Correlation Between Legg Mason and Simt Multi
Can any of the company-specific risk be diversified away by investing in both Legg Mason and Simt Multi at the same time? Although using a correlation coefficient on its own may not help to predict future stock returns, this module helps to understand the diversifiable risk of combining Legg Mason and Simt Multi into the same portfolio, which is an essential part of the fundamental portfolio management process.
By analyzing existing cross correlation between Legg Mason Bw and Simt Multi Asset Inflation, you can compare the effects of market volatilities on Legg Mason and Simt Multi and check how they will diversify away market risk if combined in the same portfolio for a given time horizon. You can also utilize pair trading strategies of matching a long position in Legg Mason with a short position of Simt Multi. Check out your portfolio center. Please also check ongoing floating volatility patterns of Legg Mason and Simt Multi.
Diversification Opportunities for Legg Mason and Simt Multi
0.5 | Correlation Coefficient |
Very weak diversification
The 3 months correlation between Legg and Simt is 0.5. Overlapping area represents the amount of risk that can be diversified away by holding Legg Mason Bw and Simt Multi Asset Inflation in the same portfolio, assuming nothing else is changed. The correlation between historical prices or returns on Simt Multi Asset and Legg Mason is a relative statistical measure of the degree to which these equity instruments tend to move together. The correlation coefficient measures the extent to which returns on Legg Mason Bw are associated (or correlated) with Simt Multi. Values of the correlation coefficient range from -1 to +1, where. The correlation of zero (0) is possible when the price movement of Simt Multi Asset has no effect on the direction of Legg Mason i.e., Legg Mason and Simt Multi go up and down completely randomly.

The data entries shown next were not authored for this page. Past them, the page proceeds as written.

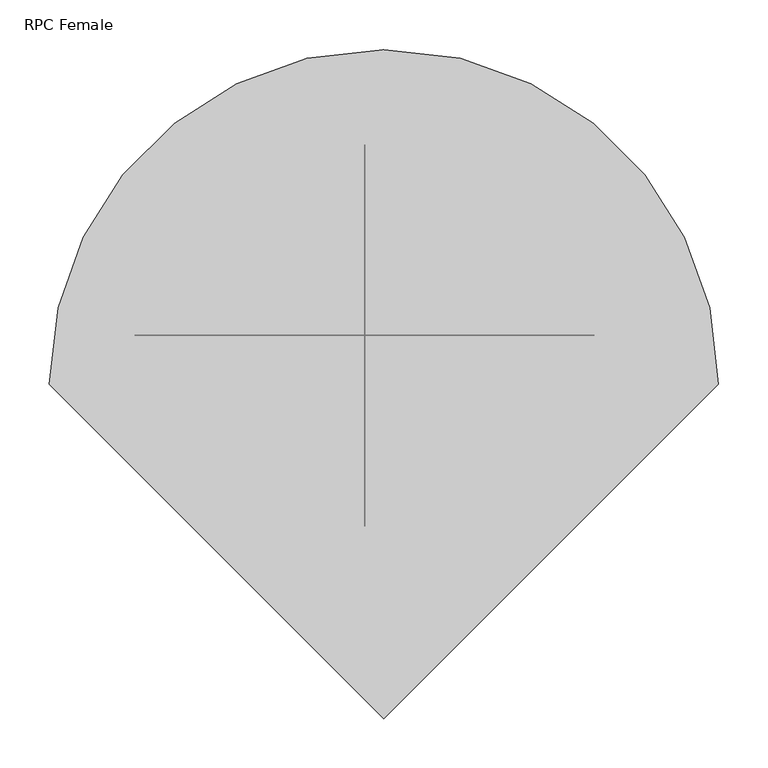
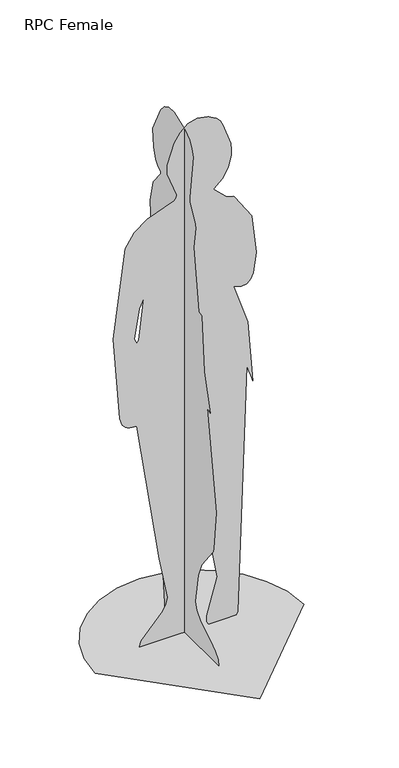
"""IFC4 building model written with IfcOpenShell, lengths in millimetres: proxy geometry, RPC Female : YinYin."""

import ifcopenshell
import ifcopenshell.guid

model = None  # the IFC model being written
_history = None  # IfcOwnerHistory: only IFC2X3 demands one
_inside = {}  # id of a spatial element -> (the spatial element, [elements in it])
_under = {}  # id of a project, library or spatial element -> (it, [spatial elements below it])
_declared = {}  # id of a project -> (the project, [libraries it declares])
_typed = {}  # id of a type object -> (the type object, [elements of that type])
_made_of = {}  # id of a material, layer set ... -> (it, [elements and type objects made of it])


def new_model(schema):
    """Start an empty IFC model of exactly this schema.

    Asked for "IFC4X3", IfcOpenShell would pick the latest addendum, in which some entities
    have other attributes; the version numbers below select the first issue.
    IFC2X3 requires an IfcOwnerHistory on every rooted entity: one is made here for all.
    """
    global model, _history
    if schema == "IFC4X3":
        model = ifcopenshell.file(schema_version=(4, 3, 0, 0))
    else:
        model = ifcopenshell.file(schema=schema)
    _inside.clear()
    _under.clear()
    _declared.clear()
    _typed.clear()
    _made_of.clear()
    _history = None
    if model.schema == "IFC2X3":
        org = make("IfcOrganization", Name="unknown")
        user = make(
            "IfcPersonAndOrganization",
            ThePerson=make("IfcPerson", FamilyName="unknown"),
            TheOrganization=org,
        )
        app = make(
            "IfcApplication",
            ApplicationDeveloper=org,
            Version="unknown",
            ApplicationFullName="unknown",
            ApplicationIdentifier="unknown",
        )
        _history = make(
            "IfcOwnerHistory",
            OwningUser=user,
            OwningApplication=app,
            ChangeAction="ADDED",
            CreationDate=0,
        )
    return model


def make(cls, **values):
    """One entity of the class cls with the attributes given. An attribute that is None is left unset."""
    return model.create_entity(
        cls, **{name: value for name, value in values.items() if value is not None}
    )


def rooted(cls, **values):
    """An entity with a GlobalId (a new one), such as an element, a storey or a relation."""
    return make(cls, GlobalId=ifcopenshell.guid.new(), OwnerHistory=_history, **values)


def si_unit(unit_type, name, prefix=None):
    """IfcSIUnit, for example si_unit("LENGTHUNIT", "METRE", prefix="MILLI")."""
    return make("IfcSIUnit", UnitType=unit_type, Prefix=prefix, Name=name)


def assignment(units):
    """IfcUnitAssignment: the units of a project."""
    return None if units is None else make("IfcUnitAssignment", Units=units)


def point(xyz):
    """IfcCartesianPoint."""
    return None if xyz is None else make("IfcCartesianPoint", Coordinates=xyz)


def direction(xyz):
    """IfcDirection."""
    return None if xyz is None else make("IfcDirection", DirectionRatios=xyz)


def frame(location, z_axis=None, x_axis=None):
    """IfcAxis2Placement3D, a coordinate frame: its origin and axes. An axis left out is left unset."""
    return make(
        "IfcAxis2Placement3D",
        Location=point(location),
        Axis=direction(z_axis),
        RefDirection=direction(x_axis),
    )


def origin():
    """The frame at (0, 0, 0) with its axes left unset."""
    return frame((0.0, 0.0, 0.0))


def place(relative_to, where):
    """IfcLocalPlacement: puts the frame where relative to a parent placement (None: the world)."""
    return make(
        "IfcLocalPlacement", PlacementRelTo=relative_to, RelativePlacement=where
    )


def context(
    kind, dimensions, precision=None, world=None, true_north=None, identifier=None
):
    """IfcGeometricRepresentationContext, for example the 3D "Model" context."""
    return make(
        "IfcGeometricRepresentationContext",
        ContextIdentifier=identifier,
        ContextType=kind,
        CoordinateSpaceDimension=dimensions,
        Precision=precision,
        WorldCoordinateSystem=world,
        TrueNorth=true_north,
    )


def project(units=None, contexts=None):
    """IfcProject with its units and contexts."""
    return rooted(
        "IfcProject",
        Name="project",
        RepresentationContexts=contexts,
        UnitsInContext=assignment(units),
    )


def spatial(cls, under=None, at=None, **own):
    """A site, building, storey or space (cls), placed at a placement, below another one or the project."""
    s = rooted(cls, ObjectPlacement=at, **own)
    if under is not None:
        _under.setdefault(under.id(), (under, []))[1].append(s)
    return s


def point_list(points):
    """IfcCartesianPointList2D or 3D."""
    cls = (
        "IfcCartesianPointList2D" if len(points[0]) == 2 else "IfcCartesianPointList3D"
    )
    return make(cls, CoordList=points)


def triangles(points, corners, closed=None, point_numbers=None):
    """IfcTriangulatedFaceSet: each triangle names its three corners, points numbered from 1."""
    return make(
        "IfcTriangulatedFaceSet",
        Coordinates=point_list(points),
        Closed=closed,
        CoordIndex=corners,
        PnIndex=point_numbers,
    )


def shape(context_of_items, identifier, shape_type, items):
    """IfcShapeRepresentation: the items that make up one representation, for example the "Body"."""
    return make(
        "IfcShapeRepresentation",
        ContextOfItems=context_of_items,
        RepresentationIdentifier=identifier,
        RepresentationType=shape_type,
        Items=items,
    )


def source(mapping_origin, context_of_items, identifier, shape_type, items):
    """IfcRepresentationMap: a shape defined once, which mapped items show again and again."""
    return make(
        "IfcRepresentationMap",
        MappingOrigin=mapping_origin,
        MappedRepresentation=shape(context_of_items, identifier, shape_type, items),
    )


def transform(
    local_origin,
    x_axis=None,
    y_axis=None,
    z_axis=None,
    scale=None,
    scale2=None,
    scale3=None,
    uniform=True,
):
    """IfcCartesianTransformationOperator3D, or its non-uniform kind. x_axis, y_axis, z_axis: its Axis1, 2, 3."""
    if uniform:
        return make(
            "IfcCartesianTransformationOperator3D",
            Axis1=direction(x_axis),
            Axis2=direction(y_axis),
            LocalOrigin=point(local_origin),
            Scale=scale,
            Axis3=direction(z_axis),
        )
    return make(
        "IfcCartesianTransformationOperator3DnonUniform",
        Axis1=direction(x_axis),
        Axis2=direction(y_axis),
        LocalOrigin=point(local_origin),
        Scale=scale,
        Axis3=direction(z_axis),
        Scale2=scale2,
        Scale3=scale3,
    )


def mapped(mapping_source, mapping_target):
    """IfcMappedItem: shows the shape of a source again, moved by a transform."""
    return make(
        "IfcMappedItem", MappingSource=mapping_source, MappingTarget=mapping_target
    )


def made_of(thing, what):
    """Note that an element or type object is made of a material, layer set ...; save() writes the relation."""
    if what is not None:
        _made_of.setdefault(what.id(), (what, []))[1].append(thing)
    return thing


def element(
    cls,
    number,
    at=None,
    inside=None,
    cuts=None,
    type_object=None,
    material=None,
    context=None,
    identifier="Body",
    shape_type=None,
    held_by="IfcProductDefinitionShape",
    body=None,
    shapes=None,
    **own,
):
    """One element of the class cls, such as IfcWall. Its Tag is "e" and its number.

    at: its placement. inside: the storey or other place that contains it. cuts: it is an
    opening in that element (IfcRelVoidsElement). A single representation is given by context,
    identifier, shape_type and body (its items); several are given by shapes. held_by: the class
    of the entity that holds the representations. save() writes the other relations.
    """
    e = rooted(cls, Tag="e%d" % number, ObjectPlacement=at, **own)
    if body is not None:
        shapes = [shape(context, identifier, shape_type, body)]
    if shapes is not None:
        e.Representation = make(held_by, Representations=shapes)
    if inside is not None:
        _inside.setdefault(inside.id(), (inside, []))[1].append(e)
    if cuts is not None:
        rooted(
            "IfcRelVoidsElement", RelatingBuildingElement=cuts, RelatedOpeningElement=e
        )
    if type_object is not None:
        _typed.setdefault(type_object.id(), (type_object, []))[1].append(e)
    return made_of(e, material)


def aggregate(whole, parts):
    """IfcRelAggregates: a whole, such as a stair, and the parts it consists of."""
    return rooted("IfcRelAggregates", RelatingObject=whole, RelatedObjects=parts)


def save(model, path):
    """Write the relations noted so far, then the file.

    IfcRelAggregates (storeys below a building ...), IfcRelContainedInSpatialStructure (elements
    in a storey), IfcRelDefinesByType, IfcRelAssociatesMaterial and IfcRelDeclares: one each for
    every whole, place, type object, material and project.
    """
    for whole, parts in _under.values():
        aggregate(whole, parts)
    for where, things in _inside.values():
        rooted(
            "IfcRelContainedInSpatialStructure",
            RelatedElements=things,
            RelatingStructure=where,
        )
    for kind, things in _typed.values():
        rooted("IfcRelDefinesByType", RelatedObjects=things, RelatingType=kind)
    for what, things in _made_of.values():
        rooted("IfcRelAssociatesMaterial", RelatedObjects=things, RelatingMaterial=what)
    for by, libraries in _declared.values():
        rooted("IfcRelDeclares", RelatingContext=by, RelatedDefinitions=libraries)
    model.write(path)


def rpc_female_6119fb87(model_context):
    return source(origin(), model_context, "Body", "Tessellation", [
        triangles([(-19.5611175, 62.5163331, 200.054177), (-19.5611152, 65.6149675, 206.6420561), (-19.5611152, 67.0930613, 208.6188795), (-19.561113, 68.5514434, 210.1580661), (-19.561113, 69.844742, 211.0626257), (-19.561113, 70.8275627, 211.135768), (-19.561113, 72.3678802, 205.9018034), (-19.561113, 74.2964098, 196.3806185), (-19.561113, 75.9138574, 184.6084991), (-19.561113, 76.5209197, 172.6210404), (-19.561113, 75.4182799, 162.4544372), (-19.561113, 71.9066574, 156.1446297), (-19.5611152, 65.2867172, 155.7276494), (-19.5611039, 157.7736182, 0.0), (-19.5611016, 193.0716999, 365.6725562), (-19.5611016, 178.8734568, 562.9772644), (-19.5610993, 217.6591707, 934.2117268), (-19.5610993, 211.3348838, 953.6969473), (-19.5610993, 209.2268184, 990.3578636), (-19.5610993, 217.6591707, 1061.6503143), (-19.5610993, 210.50601, 1080.5146425), (-19.5610993, 208.85929, 1098.4551172), (-19.5610971, 232.5501404, 1186.4916767), (-19.5610948, 242.5928596, 1369.1652649), (-19.5610993, 225.9704185, 1441.195752), (-19.5611016, 184.4143795, 1493.8335274), (-19.5611016, 184.4143795, 1502.144648), (-19.5610993, 199.7092126, 1513.6221451), (-19.5610993, 211.0346478, 1528.1208241), (-19.5610993, 224.1339935, 1563.6801361), (-19.5610993, 228.7409071, 1624.0425854), (-19.5611016, 183.9053081, 1715.3903526), (-19.5611039, 164.1472481, 1737.5990261), (-19.5611062, 139.3703811, 1750.94981), (-19.5611107, 108.0072428, 1752.6), (-19.5611175, 48.1994199, 1729.3935677), (-19.5611198, 20.4398407, 1708.5970173), (-19.5611198, 13.3301127, 1699.5173389), (-19.5611198, 7.887789, 1689.0607098), (-19.5611198, 0.7002218, 1662.8370197), (-19.5611198, 20.3545375, 1513.0532845), (-19.5611198, 18.6672041, 1499.3218552), (-19.5611198, -11.1306603, 1439.5698338), (-19.5611221, -14.5353557, 1426.8243908), (-19.5611198, -1.7222787, 1354.8805264), (-19.5611243, -31.6772816, 1150.3032606), (-19.5611266, -48.2997453, 1147.5328629), (-19.5611266, -62.8443699, 962.6950172), (-19.5611311, -95.3966934, 840.0179123), (-19.5611311, -94.2714078, 840.4783493), (-19.5611311, -92.0027327, 841.6656315), (-19.5611311, -89.0268515, 843.2890789), (-19.5611311, -85.779884, 845.057939), (-19.5611311, -82.69805, 846.6813864), (-19.5611311, -80.2174419, 847.8687412), (-19.5611311, -78.7742251, 848.3291056), (-19.5611357, -129.4408909, 519.2575856), (-19.5611334, -115.741718, 386.017608), (-19.5611334, -111.0109475, 373.0374773), (-19.5611266, -46.365175, 289.3376807), (-19.5611243, -27.5483094, 242.7219941), (-19.5611198, -11.1589414, 141.8756606), (-19.5611221, -19.6099427, 117.1299145), (-19.5611243, -40.4983047, 95.464113), (-19.5611289, -68.4628405, 75.9257889), (-19.5611311, -98.1422926, 57.5627155), (-19.5611357, -124.1755963, 39.4220441), (-19.5611357, -141.2014012, 20.5520522), (-19.5611357, -143.8586064, 0.0), (-183.0151008, 49.367172, 1064.4207121), (-167.6046679, 49.367172, 1163.5493271), (-152.5405437, 49.367172, 1194.6297701), (-168.2881109, 49.367172, 1056.0085802), (-175.1434882, 49.367172, 1046.9906713), (8.6640407, 49.3671675, 0.0), (3.1501566, 49.3671675, 32.2482746), (-2.0821968, 49.3671675, 69.3733591), (-6.8264337, 49.3671675, 108.190362), (-10.8760099, 49.3671675, 145.5140468), (-14.024312, 49.3671675, 178.1596922), (-16.0647898, 49.3671675, 202.9421185), (-16.7908537, 49.3671675, 216.6765999), (-12.1869764, 49.3671675, 219.1461257), (-0.3138061, 49.3671675, 225.0791757), (15.9209452, 49.3671675, 233.4869473), (33.6095424, 49.3671675, 243.3801843), (49.8442868, 49.3671629, 253.770157), (61.7174538, 49.3671629, 263.6679903), (66.3213379, 49.3671629, 272.0846822), (87.4456344, 49.3671629, 152.9572698), (53.4088494, 49.3671629, 31.0045278), (52.5814834, 49.3671629, 11.0292914), (59.1493465, 49.3671629, 0.0), (149.3171576, 49.3671584, 0.0), (152.8116755, 49.3671584, 10.4443548), (182.6784389, 49.3671584, 842.7883101), (184.325177, 49.3671584, 839.6736019), (187.3182356, 49.3671584, 831.6521439), (191.0744744, 49.3671584, 820.7077538), (195.0110255, 49.3671584, 808.8246128), (198.5446761, 49.3671584, 797.9861755), (201.0924312, 49.3671584, 790.1768412), (202.0712777, 49.3671584, 787.3802095), (185.4488367, 49.3671584, 995.1605501), (141.1223908, 49.3671584, 1130.9104036), (164.3033614, 49.3671584, 1124.3246864), (182.0565655, 49.3671584, 1128.1551939), (195.0604956, 49.3671584, 1140.1605658), (203.9936531, 49.3671584, 1158.0995871), (213.1529414, 49.3671584, 1225.1042908), (199.3009163, 49.3671584, 1355.3133488), (142.1371181, 49.3671584, 1439.8141502), (138.3520475, 49.3671584, 1443.9662224), (126.4536368, 49.3671629, 1446.4888882), (114.043366, 49.3671629, 1453.0155247), (76.6085234, 49.3671629, 1487.9363583), (74.6326765, 49.3671629, 1491.0630569), (103.0905098, 49.3671629, 1516.7510239), (122.0981614, 49.3671629, 1548.9569069), (131.6193734, 49.3671584, 1586.7359962), (132.8112338, 49.3671584, 1607.4201988), (130.0408452, 49.3671629, 1629.5832355), (105.4424193, 49.3671629, 1701.5050083), (96.1693025, 49.3671629, 1717.9445572), (84.0081807, 49.3671629, 1731.1446236), (55.2399058, 49.3671629, 1745.9405228), (21.127821, 49.3671675, 1752.5937504), (-8.6787592, 49.3671675, 1743.6800503), (-33.6906489, 49.3671675, 1722.8627163), (-53.4187143, 49.367172, 1693.8054783), (-75.0665981, 49.367172, 1625.6246109), (-76.0080877, 49.367172, 1593.8278599), (-45.7086335, 49.367172, 1512.9888988), (-45.9663349, 49.367172, 1502.7510063), (-52.5418193, 49.367172, 1494.1808899), (-141.4589345, 49.367172, 1463.3590794), (-183.2078579, 49.367172, 1431.0789276), (-212.1098365, 49.367172, 1385.7065517), (-252.2751901, 49.3671765, 1089.3543646), (-230.371785, 49.3671765, 807.1516771), (-222.5797643, 49.3671765, 783.138172), (-217.6561913, 49.3671765, 776.9216183), (-211.9299056, 49.367172, 771.9938667), (-205.4993388, 49.367172, 768.2337765), (-198.4630859, 49.367172, 765.520134), (-174.7038712, 49.367172, 762.4466297), (-101.5477987, 49.367172, 280.655816), (-74.3631844, 49.367172, 138.9321538), (-78.7405971, 49.367172, 117.6130336), (-91.1992752, 49.367172, 97.162465), (-159.9729389, 49.367172, 19.5097603), (-166.4325919, 49.367172, 0.0), (339.0977612, 6.67e-05, 0.0), (330.1330831, 77.6988366, 0.0), (304.601938, 149.0527116, 0.0), (264.5485507, 212.0173639, 0.0), (212.0174184, 264.5485688, 0.0), (149.0527207, 304.6018835, 0.0), (77.6988547, 330.1331194, 0.0), (0.0001125, 339.0977612, 0.000112), (-77.6986367, 330.1331194, 0.000112), (-149.0525208, 304.6018835, 0.000112), (-212.0171641, 264.5485507, 0.000112), (-264.5483871, 212.0174003, 0.0), (-304.6017018, 149.0526934, 0.0), (-330.132865, 77.6988093, 0.0), (-339.0975431, 7.37e-05, 0.0), (0.0001352, -339.0975795, 0.0)], [[14, 6, 7], [14, 7, 8], [14, 8, 9], [14, 9, 10], [14, 10, 11], [48, 49, 50], [48, 50, 51], [48, 51, 52], [48, 52, 53], [48, 53, 54], [48, 54, 55], [14, 11, 12], [69, 14, 12], [69, 12, 13], [68, 69, 13], [67, 68, 13], [66, 67, 13], [65, 66, 13], [64, 65, 13], [63, 64, 13], [62, 63, 13], [48, 55, 56], [62, 13, 1], [61, 62, 1], [46, 47, 48], [61, 1, 2], [61, 2, 3], [61, 3, 4], [61, 4, 5], [6, 14, 15], [5, 6, 15], [61, 5, 15], [60, 61, 15], [60, 15, 16], [59, 60, 16], [58, 59, 16], [57, 58, 16], [56, 57, 16], [48, 56, 16], [48, 16, 17], [48, 17, 18], [46, 48, 18], [46, 18, 19], [46, 19, 20], [46, 20, 21], [46, 21, 22], [46, 22, 23], [46, 23, 24], [45, 46, 24], [45, 24, 25], [45, 25, 26], [44, 45, 26], [43, 44, 26], [42, 43, 26], [41, 42, 26], [41, 26, 27], [41, 27, 28], [41, 28, 29], [41, 29, 30], [41, 30, 31], [40, 41, 31], [40, 31, 32], [39, 40, 32], [38, 39, 32], [37, 38, 32], [36, 37, 32], [35, 36, 32], [35, 32, 33], [34, 35, 33], [70, 75, 76], [70, 76, 77], [70, 77, 78], [70, 78, 79], [70, 79, 80], [70, 80, 81], [70, 81, 82], [74, 70, 82], [102, 103, 104], [101, 102, 104], [100, 101, 104], [99, 100, 104], [98, 99, 104], [97, 98, 104], [96, 97, 104], [151, 152, 75], [74, 82, 83], [74, 83, 84], [74, 84, 85], [74, 85, 86], [74, 86, 87], [74, 87, 88], [74, 88, 89], [150, 151, 75], [149, 150, 75], [93, 94, 95], [92, 93, 95], [91, 92, 95], [90, 91, 95], [90, 95, 96], [89, 90, 96], [74, 89, 96], [74, 96, 104], [73, 74, 104], [73, 104, 105], [72, 73, 105], [148, 149, 75], [148, 75, 70], [147, 148, 70], [146, 147, 70], [145, 146, 70], [144, 145, 70], [143, 144, 70], [142, 143, 70], [141, 142, 70], [140, 141, 70], [139, 140, 70], [139, 70, 71], [139, 71, 72], [138, 139, 72], [138, 72, 105], [137, 138, 105], [136, 137, 105], [135, 136, 105], [134, 135, 105], [134, 105, 106], [134, 106, 107], [134, 107, 108], [134, 108, 109], [134, 109, 110], [134, 110, 111], [134, 111, 112], [133, 134, 112], [112, 113, 114], [133, 112, 114], [133, 114, 115], [133, 115, 116], [133, 116, 117], [133, 117, 118], [133, 118, 119], [133, 119, 120], [133, 120, 121], [133, 121, 122], [132, 133, 122], [131, 132, 122], [130, 131, 122], [129, 130, 122], [129, 122, 123], [128, 129, 123], [127, 128, 123], [126, 127, 123], [126, 123, 124], [125, 126, 124], [167, 168, 153], [166, 167, 153], [166, 153, 154], [165, 166, 154], [165, 154, 155], [165, 155, 156], [164, 165, 156], [163, 164, 156], [163, 156, 157], [163, 157, 158], [163, 158, 159], [163, 159, 160], [163, 160, 161], [163, 161, 162]], closed=False),
    ])


if __name__ == "__main__":
    model = new_model("IFC4")
    model_context = context("Model", 3, world=origin())
    ifc_project = project(units=[si_unit("LENGTHUNIT", "METRE", prefix="MILLI")], contexts=[model_context])
    site = spatial("IfcSite", under=ifc_project)
    building = spatial("IfcBuilding", under=site)
    placement = place(None, origin())
    rpc_female_shape = rpc_female_6119fb87(model_context)
    element("IfcBuildingElementProxy", 1, Name="RPC Female : YinYin", ObjectType="RPC Female : YinYin", at=placement, inside=building, context=model_context, shape_type="MappedRepresentation", body=[
        mapped(rpc_female_shape, transform((0.0, 0.0, 0.0), x_axis=(1.0, 0.0, 0.0), y_axis=(0.0, 1.0, 0.0), z_axis=(0.0, 0.0, 1.0))),
    ])
    save(model, "model.ifc")

# Revit data of these elements
# Type "RPC Female : YinYin"
#   built-in parameter 1005198 = "{2, 15},{22, RPC-8-FUM5-CKXX-U6B5-E},{1, 0},{1, 0},{2, 15},{1, 8},{5, Color},{1, 0},{1, 0},{3, 0.8},{3, 0.8},{3, 0.8},{1, 8},{7, BBoxMin},{1, 0},{1, 0},{1, 0},{1, 0},{1, 0},{1, 8},{7, BBoxMax},{1, 0},{1, 0},{1, 0},{1, 0},{1, 0},{2, 11},{9, RPCTypeId},{1, 0},{1, 0},{22, RPC-8-FUM5-CKXX-U6B5-E},{1, 6},{14, RPCPlantHeight},{1, 0},{1, 0},{4, 5.75},{2, 11},{7, keyword},{1, 0},{1, 0},{35, :RPCs:People [Resorts]:Geometry:RPC},{2, 11},{8, category},{1, 0},{1, 0},{16, People [Resorts]},{2, 11},{12, LocalizedUID},{1, 0},{1, 0},{6, YinYin},{2, 14},{6, Height},{1, 0},{1, 0},{4, 5.75},{1, 2},{16, Cast Reflections},{1, 0},{1, 0},{1, 0},{1, 2},{6, Jitter},{1, 0},{1, 0},{1, 1},{1, 2},{9, Billboard},{1, 0},{1, 0},{1, 0},{1, 2},{12, Cast Shadows},{1, 0},{1, 0},{1, 1},{1, 2},{20, Apply Filter Effects},{1, 0},{1, 0},{1, 0},{2, 11},{28, Apply Filter Effects-Text-FC},{1, 0},{1, 0},{4, None},{21, assetlibrary_base.fbx},{1, 5},"
#   built-in parameter 1005195 = "RPC-8-FUM5-CKXX-U6B5-E"
#   Height = 0

Pair Corralation between Legg Mason and Simt Multi
Assuming the 90 days horizon Legg Mason is expected to generate 2.31 times less return on investment than Simt Multi. In addition to that, Legg Mason is 3.73 times more volatile than Simt Multi Asset Inflation. It trades about 0.05 of its total potential returns per unit of risk. Simt Multi Asset Inflation is currently generating about 0.46 per unit of volatility. If you would invest 762.00 in Simt Multi Asset Inflation on December 21, 2024 and sell it today you would earn a total of 46.00 from holding Simt Multi Asset Inflation or generate 6.04% return on investment over 90 days.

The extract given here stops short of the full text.